Extracted records:
--------------------------------------------------
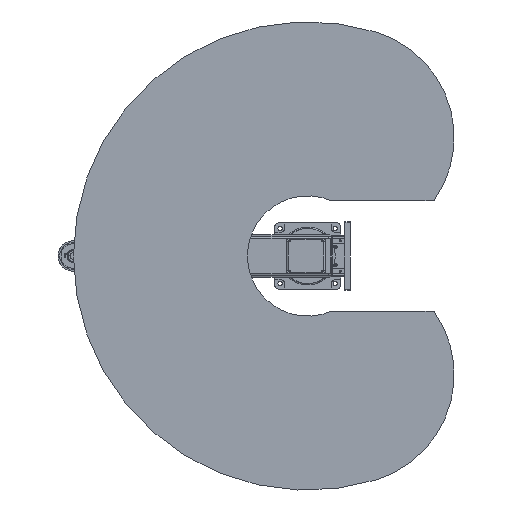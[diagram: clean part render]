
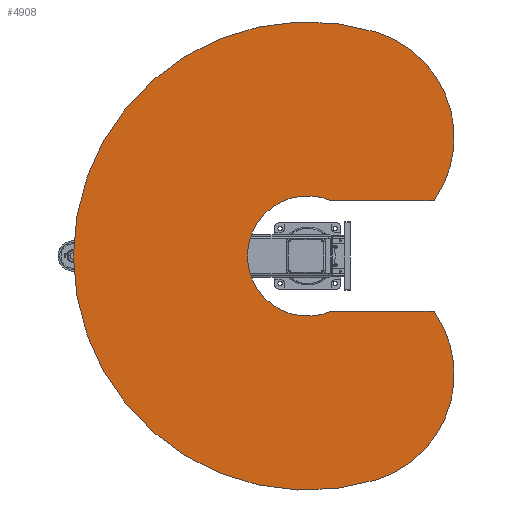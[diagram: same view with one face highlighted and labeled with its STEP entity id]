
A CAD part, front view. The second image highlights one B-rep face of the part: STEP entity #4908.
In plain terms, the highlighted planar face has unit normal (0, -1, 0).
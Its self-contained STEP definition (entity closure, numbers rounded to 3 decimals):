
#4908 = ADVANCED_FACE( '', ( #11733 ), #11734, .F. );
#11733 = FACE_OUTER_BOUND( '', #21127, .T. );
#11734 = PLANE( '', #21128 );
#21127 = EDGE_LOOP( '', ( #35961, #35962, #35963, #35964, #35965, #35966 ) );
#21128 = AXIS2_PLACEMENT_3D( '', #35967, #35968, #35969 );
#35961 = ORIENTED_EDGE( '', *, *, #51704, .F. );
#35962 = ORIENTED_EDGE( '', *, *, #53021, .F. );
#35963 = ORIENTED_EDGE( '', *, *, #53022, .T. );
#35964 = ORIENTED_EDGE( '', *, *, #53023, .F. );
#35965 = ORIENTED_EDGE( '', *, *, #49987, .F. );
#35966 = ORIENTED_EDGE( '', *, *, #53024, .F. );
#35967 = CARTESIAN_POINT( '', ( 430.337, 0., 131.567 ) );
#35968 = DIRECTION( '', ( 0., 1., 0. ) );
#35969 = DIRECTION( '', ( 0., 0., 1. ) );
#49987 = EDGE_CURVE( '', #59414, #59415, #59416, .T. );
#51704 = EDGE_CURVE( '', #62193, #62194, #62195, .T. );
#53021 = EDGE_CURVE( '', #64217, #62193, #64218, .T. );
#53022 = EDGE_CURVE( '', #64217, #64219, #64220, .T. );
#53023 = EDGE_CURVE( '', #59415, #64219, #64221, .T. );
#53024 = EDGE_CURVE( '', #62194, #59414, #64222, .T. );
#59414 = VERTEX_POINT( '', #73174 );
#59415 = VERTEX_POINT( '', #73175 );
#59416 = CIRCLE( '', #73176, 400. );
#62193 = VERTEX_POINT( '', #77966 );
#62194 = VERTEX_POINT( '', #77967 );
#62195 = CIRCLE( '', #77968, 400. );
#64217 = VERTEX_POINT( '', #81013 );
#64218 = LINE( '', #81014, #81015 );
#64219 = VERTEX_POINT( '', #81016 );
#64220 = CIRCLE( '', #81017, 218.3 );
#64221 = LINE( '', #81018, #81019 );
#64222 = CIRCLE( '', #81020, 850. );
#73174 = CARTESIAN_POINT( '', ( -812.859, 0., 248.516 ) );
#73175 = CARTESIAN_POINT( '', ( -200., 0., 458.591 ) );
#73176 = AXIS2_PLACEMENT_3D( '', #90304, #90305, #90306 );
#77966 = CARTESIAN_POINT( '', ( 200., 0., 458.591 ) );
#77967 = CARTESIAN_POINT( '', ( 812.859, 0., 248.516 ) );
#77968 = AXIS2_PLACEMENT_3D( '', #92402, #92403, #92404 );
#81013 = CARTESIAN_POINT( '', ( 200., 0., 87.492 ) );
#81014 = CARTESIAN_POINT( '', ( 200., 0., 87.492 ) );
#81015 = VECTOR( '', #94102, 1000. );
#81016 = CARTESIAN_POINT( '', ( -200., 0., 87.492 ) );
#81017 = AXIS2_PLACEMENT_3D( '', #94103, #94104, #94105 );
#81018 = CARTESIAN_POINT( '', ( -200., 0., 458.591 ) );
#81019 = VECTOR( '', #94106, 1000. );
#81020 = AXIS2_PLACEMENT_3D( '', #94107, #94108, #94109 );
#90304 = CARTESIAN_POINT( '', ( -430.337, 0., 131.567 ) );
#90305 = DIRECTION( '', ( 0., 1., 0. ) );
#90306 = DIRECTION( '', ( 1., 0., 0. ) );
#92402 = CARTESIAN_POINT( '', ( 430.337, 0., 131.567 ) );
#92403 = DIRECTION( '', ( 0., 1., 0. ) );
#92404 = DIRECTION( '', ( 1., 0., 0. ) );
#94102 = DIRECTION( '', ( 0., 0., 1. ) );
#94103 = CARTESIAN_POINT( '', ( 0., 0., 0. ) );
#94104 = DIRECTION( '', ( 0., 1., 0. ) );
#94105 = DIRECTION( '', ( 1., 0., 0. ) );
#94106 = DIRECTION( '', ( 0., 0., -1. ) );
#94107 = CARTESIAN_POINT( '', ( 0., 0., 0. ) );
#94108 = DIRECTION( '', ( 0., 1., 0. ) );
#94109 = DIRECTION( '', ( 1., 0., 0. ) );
--------------------------------------------------
**Instructions to follow:** Search the records line by line for the word "DIRECTION" and copy every line where it appears.

**Answer to this task:**
#35968 = DIRECTION( '', ( 0., 1., 0. ) );
#35969 = DIRECTION( '', ( 0., 0., 1. ) );
#90305 = DIRECTION( '', ( 0., 1., 0. ) );
#90306 = DIRECTION( '', ( 1., 0., 0. ) );
#92403 = DIRECTION( '', ( 0., 1., 0. ) );
#92404 = DIRECTION( '', ( 1., 0., 0. ) );
#94102 = DIRECTION( '', ( 0., 0., 1. ) );
#94104 = DIRECTION( '', ( 0., 1., 0. ) );
#94105 = DIRECTION( '', ( 1., 0., 0. ) );
#94106 = DIRECTION( '', ( 0., 0., -1. ) );
#94108 = DIRECTION( '', ( 0., 1., 0. ) );
#94109 = DIRECTION( '', ( 1., 0., 0. ) );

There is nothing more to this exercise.